Start of SOURCE DATA

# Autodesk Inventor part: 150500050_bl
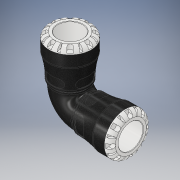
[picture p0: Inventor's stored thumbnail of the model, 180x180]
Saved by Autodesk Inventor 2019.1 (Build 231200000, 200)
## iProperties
Created: 2016-12
Part Number: 150500050_bl
Material: PVC-Piping
Description: PLASSON G-PLASS 90°  ELBOW 50X50
Document SubType Name: Modeling
Designer: KIM
Mass: 664.223 g
Surface Area: 733.008 cm^2
Volume: 474.445 cm^3
Density: 1.4 g/cm^3
Appearance: Black Cast
Author: KIM
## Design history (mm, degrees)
derived "150500.ipt"
feature "Solid1::150500.ipt" dims "ScaleForDerivedMember" = 10
tag "TaggingFeature1"
body "Solid1"
other parameters: "d1" = 34.86 [user parameter], "d3" = 62.5 [user parameter], "d4" = 85 [user parameter], "d8" = 72.25 [user parameter], "d13" = 9 [user parameter], "d14" = 9 [user parameter], "d15" = 0 [user parameter], "d17" = 360 deg [user parameter], "d19" = 8 deg [user parameter], "d20" = 1 [user parameter], "d21" = 1 [user parameter], "d22" = 8 deg [user parameter], "d24" = 0 [user parameter], "d26" = 360 deg [user parameter], "d33" = 8.5 [user parameter], "d43" = 66.3 [user parameter], "d51" = 0.85 [user parameter], "d54" = 17.5 [user parameter], "d55" = 11 [user parameter], "d57" = 17.64 [user parameter], "d58" = 0 [user parameter], "d74" = 0 [user parameter], "d77" = 4.16667 [user parameter], "d78" = 83 [user parameter], "d82" = 1 [user parameter], "d115" = 360 deg [user parameter], "d207" = 90 deg [user parameter], "d228" = 14.875 [user parameter], "d247" = 1.7 [user parameter], "d248" = 4.98 [user parameter], "d268" = 39.7375 [user parameter], "d269" = 4.98 [user parameter], "d270" = 123 [user parameter], "d272" = 90 deg [user parameter], "d274" = 0 [user parameter], "d275" = 0 [user parameter], "E_" = 85 [user parameter], "l_" = 83 [user parameter], "A_" = 123 [user parameter], "d9" = 11.25 [user parameter], "d11" = 85 [user parameter], "d12" = 62.5 [user parameter]
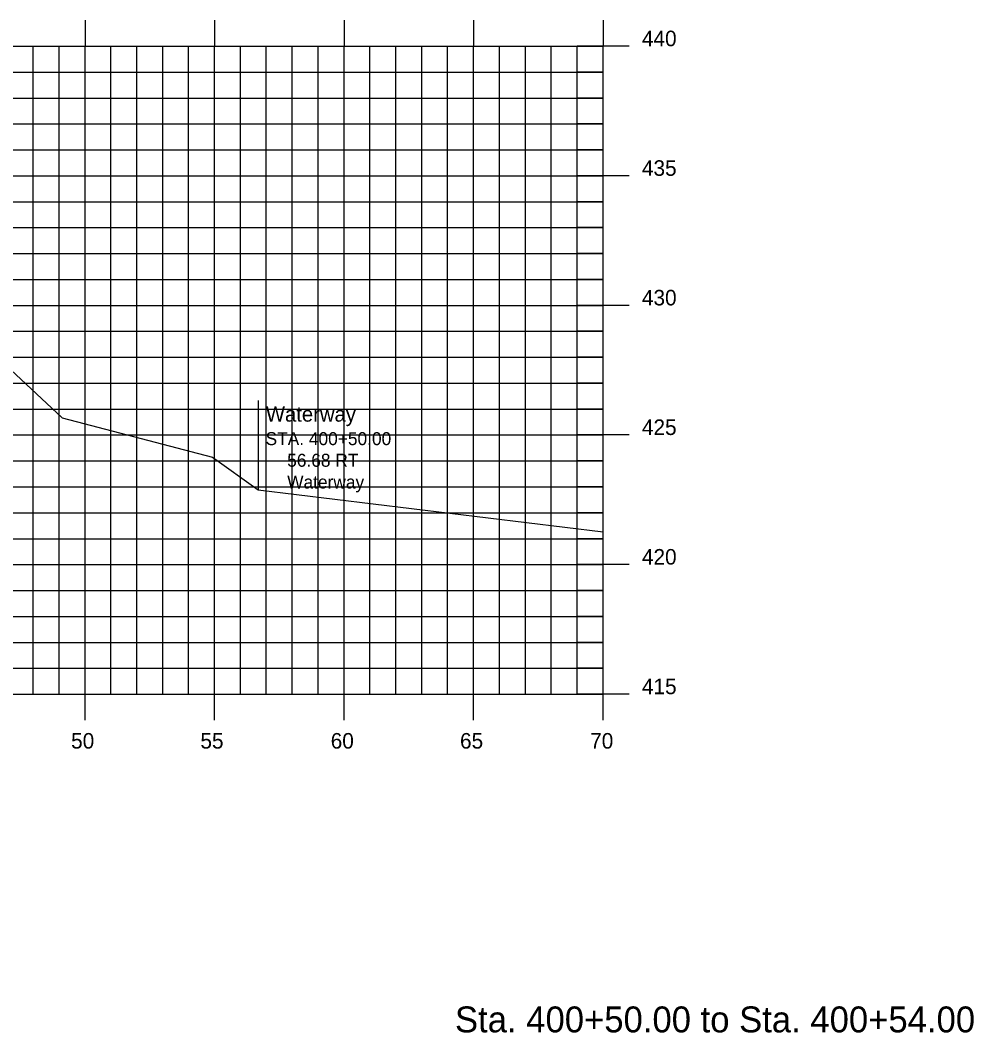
# Model space of a CAD drawing. Extents: x -161 to 764, y 111 to 210.
# Drawn here: x 201.67 to 238.48, y 114.11 to 153.17 of the extents above; entities that cross this region are included whole.
import ezdxf

# ---------------------------------------------------------------- set-up
doc = ezdxf.new("R2010")
doc.units = 0
for name, color, linetype in [('D_Text_Monospaced', 7, 'Continuous'), ('H_V ANNOTATION', 7, 'Continuous'), ('MAJOR', 7, 'Continuous'), ('MINOR', 7, 'Continuous'), ('S_Drainage_Waterway', 7, 'Continuous'), ('S_Roadway_Centerline', 7, 'Continuous')]:
    doc.layers.add(name, color=color, linetype=linetype)

msp = doc.modelspace()

# ---------------------------------------------------------------- linework, layer by layer
at = {"layer": 'MAJOR'}
for p, q in [((204.168, 153.171), (204.168, 152.169)), ((209.168, 153.171), (209.168, 152.169)), ((214.168, 153.171), (214.168, 152.169)), ((219.168, 153.171), (219.168, 152.169)), ((224.168, 153.171), (224.168, 152.169)), ((84.168, 152.169), (224.168, 152.169)), ((84.168, 152.169), (224.168, 152.169)), ((204.168, 127.169), (204.168, 152.169)), ((209.168, 127.169), (209.168, 152.169)), ((214.168, 127.169), (214.168, 152.169)), ((219.168, 127.169), (219.168, 152.169)), ((225.17, 152.169), (223.166, 152.169)), ((224.168, 127.169), (224.168, 152.169)), ((224.168, 127.169), (224.168, 152.169)), ((84.168, 147.169), (224.168, 147.169)), ((225.17, 147.169), (223.166, 147.169)), ((84.168, 142.169), (224.168, 142.169)), ((225.17, 142.169), (223.166, 142.169)), ((84.168, 137.169), (224.168, 137.169)), ((225.17, 137.169), (223.166, 137.169)), ((84.168, 132.169), (224.168, 132.169)), ((225.17, 132.169), (223.166, 132.169)), ((84.168, 127.169), (224.168, 127.169)), ((84.168, 127.169), (224.168, 127.169)), ((204.168, 126.167), (204.168, 127.169)), ((209.168, 126.167), (209.168, 127.169)), ((214.168, 126.167), (214.168, 127.169)), ((219.168, 126.167), (219.168, 127.169)), ((225.17, 127.169), (223.166, 127.169)), ((224.168, 126.167), (224.168, 127.169))]:
    msp.add_line(p, q, dxfattribs=at)
at = {"layer": 'MINOR'}
for p, q in [((202.168, 127.169), (202.168, 152.169)), ((203.168, 127.169), (203.168, 152.169)), ((205.168, 127.169), (205.168, 152.169)), ((206.168, 127.169), (206.168, 152.169)), ((207.168, 127.169), (207.168, 152.169)), ((208.168, 127.169), (208.168, 152.169)), ((210.168, 127.169), (210.168, 152.169)), ((211.168, 127.169), (211.168, 152.169)), ((212.168, 127.169), (212.168, 152.169)), ((213.168, 127.169), (213.168, 152.169)), ((215.168, 127.169), (215.168, 152.169)), ((216.168, 127.169), (216.168, 152.169)), ((217.168, 127.169), (217.168, 152.169)), ((218.168, 127.169), (218.168, 152.169)), ((220.168, 127.169), (220.168, 152.169)), ((221.168, 127.169), (221.168, 152.169)), ((222.168, 127.169), (222.168, 152.169)), ((223.168, 127.169), (223.168, 152.169)), ((84.168, 151.169), (224.168, 151.169)), ((224.168, 151.169), (223.166, 151.169)), ((84.168, 150.169), (224.168, 150.169)), ((224.168, 150.169), (223.166, 150.169)), ((84.168, 149.169), (224.168, 149.169)), ((224.168, 149.169), (223.166, 149.169)), ((84.168, 148.169), (224.168, 148.169)), ((224.168, 148.169), (223.166, 148.169)), ((84.168, 146.169), (224.168, 146.169)), ((224.168, 146.169), (223.166, 146.169)), ((84.168, 145.169), (224.168, 145.169)), ((224.168, 145.169), (223.166, 145.169)), ((84.168, 144.169), (224.168, 144.169)), ((224.168, 144.169), (223.166, 144.169)), ((84.168, 143.169), (224.168, 143.169)), ((224.168, 143.169), (223.166, 143.169)), ((84.168, 141.169), (224.168, 141.169)), ((224.168, 141.169), (223.166, 141.169)), ((84.168, 140.169), (224.168, 140.169)), ((224.168, 140.169), (223.166, 140.169)), ((84.168, 139.169), (224.168, 139.169)), ((224.168, 139.169), (223.166, 139.169)), ((84.168, 138.169), (224.168, 138.169)), ((224.168, 138.169), (223.166, 138.169)), ((84.168, 136.169), (224.168, 136.169)), ((224.168, 136.169), (223.166, 136.169)), ((84.168, 135.169), (224.168, 135.169)), ((224.168, 135.169), (223.166, 135.169)), ((84.168, 134.169), (224.168, 134.169)), ((224.168, 134.169), (223.166, 134.169)), ((84.168, 133.169), (224.168, 133.169)), ((224.168, 133.169), (223.166, 133.169)), ((84.168, 131.169), (224.168, 131.169)), ((224.168, 131.169), (223.166, 131.169)), ((84.168, 130.169), (224.168, 130.169)), ((224.168, 130.169), (223.166, 130.169)), ((84.168, 129.169), (224.168, 129.169)), ((224.168, 129.169), (223.166, 129.169)), ((84.168, 128.169), (224.168, 128.169)), ((224.168, 128.169), (223.166, 128.169))]:
    msp.add_line(p, q, dxfattribs=at)
at = {"layer": 'S_Drainage_Waterway'}
msp.add_line((210.852, 138.496), (210.852, 135.055), dxfattribs=at)
at = {"layer": 'S_Roadway_Centerline'}
msp.add_lwpolyline([(152.685, 140.854), (168.169, 142.293), (172.399, 142.133), (178.178, 142.122), (186.449, 141.953), (186.572, 141.953), (199.915, 140.445), (200.903, 140.058), (203.287, 137.833), (209.093, 136.316), (210.852, 135.055), (224.168, 133.439)], dxfattribs=at)

# ---------------------------------------------------------------- texts
at = {"layer": 'D_Text_Monospaced'}
for s, height, p in [('STA. 400+50.00', 0.49998, (211.139, 136.778)), ('56.68 RT ', 0.5, (211.973, 135.944)), ('Waterway', 0.5, (211.973, 135.104))]:
    msp.add_text(s, height=height, dxfattribs=at).set_placement(p)
at = {"layer": 'H_V ANNOTATION'}
for s, height, p in [('440', 0.6, (225.668, 152.169)), ('435', 0.6, (225.668, 147.169)), ('430', 0.6, (225.668, 142.169)), ('425', 0.6, (225.668, 137.169)), ('420', 0.6, (225.668, 132.169)), ('415', 0.6, (225.668, 127.169)), ('50', 0.6, (203.632, 125.069)), ('55', 0.6, (208.624, 125.069)), ('60', 0.6, (213.654, 125.069)), ('65', 0.6, (218.646, 125.069)), ('70', 0.6, (223.67, 125.069)), ('Sta. 400+50.00 to Sta. 400+54.00', 1.0002, (218.451, 114.12))]:
    msp.add_text(s, height=height, rotation=360, dxfattribs=at).set_placement(p)
at = {"layer": 'S_Drainage_Waterway'}
msp.add_text('Waterway', height=0.585, rotation=360, dxfattribs=at).set_placement((211.15, 137.684))

doc.saveas('drawing.dxf')
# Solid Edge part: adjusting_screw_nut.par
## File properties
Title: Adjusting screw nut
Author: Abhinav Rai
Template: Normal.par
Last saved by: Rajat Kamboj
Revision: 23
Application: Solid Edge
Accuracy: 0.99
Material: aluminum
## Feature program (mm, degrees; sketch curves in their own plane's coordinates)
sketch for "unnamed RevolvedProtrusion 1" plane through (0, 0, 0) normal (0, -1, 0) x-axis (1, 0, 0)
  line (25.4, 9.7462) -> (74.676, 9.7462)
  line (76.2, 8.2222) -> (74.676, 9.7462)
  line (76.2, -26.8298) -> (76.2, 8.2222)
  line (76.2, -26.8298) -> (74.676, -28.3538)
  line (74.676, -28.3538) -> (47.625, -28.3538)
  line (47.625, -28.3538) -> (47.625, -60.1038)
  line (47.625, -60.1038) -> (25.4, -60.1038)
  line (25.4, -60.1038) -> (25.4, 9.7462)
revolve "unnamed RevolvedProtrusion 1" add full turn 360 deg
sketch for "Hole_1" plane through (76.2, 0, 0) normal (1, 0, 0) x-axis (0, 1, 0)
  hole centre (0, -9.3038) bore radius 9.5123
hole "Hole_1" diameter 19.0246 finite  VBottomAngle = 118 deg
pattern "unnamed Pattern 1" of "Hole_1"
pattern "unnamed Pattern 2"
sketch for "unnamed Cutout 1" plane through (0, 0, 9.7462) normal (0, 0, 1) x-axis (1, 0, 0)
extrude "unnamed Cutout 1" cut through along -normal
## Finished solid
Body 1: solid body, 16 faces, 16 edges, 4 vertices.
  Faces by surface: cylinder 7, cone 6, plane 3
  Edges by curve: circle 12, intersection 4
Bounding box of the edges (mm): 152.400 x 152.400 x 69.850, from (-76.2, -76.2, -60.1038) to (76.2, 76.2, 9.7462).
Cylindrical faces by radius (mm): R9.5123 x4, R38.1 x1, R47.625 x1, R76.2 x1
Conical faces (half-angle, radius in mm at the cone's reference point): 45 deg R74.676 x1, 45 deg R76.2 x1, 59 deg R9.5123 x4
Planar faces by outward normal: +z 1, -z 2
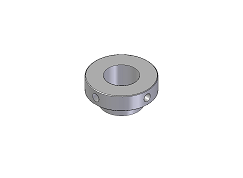
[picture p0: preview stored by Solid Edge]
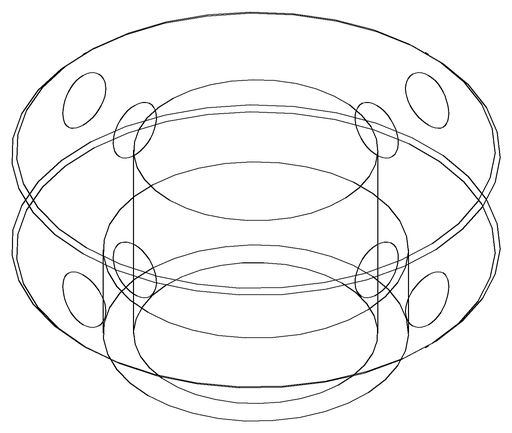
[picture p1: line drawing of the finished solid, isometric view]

End of SOURCE DATA

§ **TASK ITEM**
Above are the records; from them, give again exactly the lines from the one containing "line (25.4, 9.7462) -> (74.676, 9.7462)" through the one containing "Body 1: solid", both included.

§ **FINAL ANSWER**
  line (25.4, 9.7462) -> (74.676, 9.7462)
  line (76.2, 8.2222) -> (74.676, 9.7462)
  line (76.2, -26.8298) -> (76.2, 8.2222)
  line (76.2, -26.8298) -> (74.676, -28.3538)
  line (74.676, -28.3538) -> (47.625, -28.3538)
  line (47.625, -28.3538) -> (47.625, -60.1038)
  line (47.625, -60.1038) -> (25.4, -60.1038)
  line (25.4, -60.1038) -> (25.4, 9.7462)
revolve "unnamed RevolvedProtrusion 1" add full turn 360 deg
sketch for "Hole_1" plane through (76.2, 0, 0) normal (1, 0, 0) x-axis (0, 1, 0)
  hole centre (0, -9.3038) bore radius 9.5123
hole "Hole_1" diameter 19.0246 finite  VBottomAngle = 118 deg
pattern "unnamed Pattern 1" of "Hole_1"
pattern "unnamed Pattern 2"
sketch for "unnamed Cutout 1" plane through (0, 0, 9.7462) normal (0, 0, 1) x-axis (1, 0, 0)
extrude "unnamed Cutout 1" cut through along -normal
## Finished solid
Body 1: solid body, 16 faces, 16 edges, 4 vertices.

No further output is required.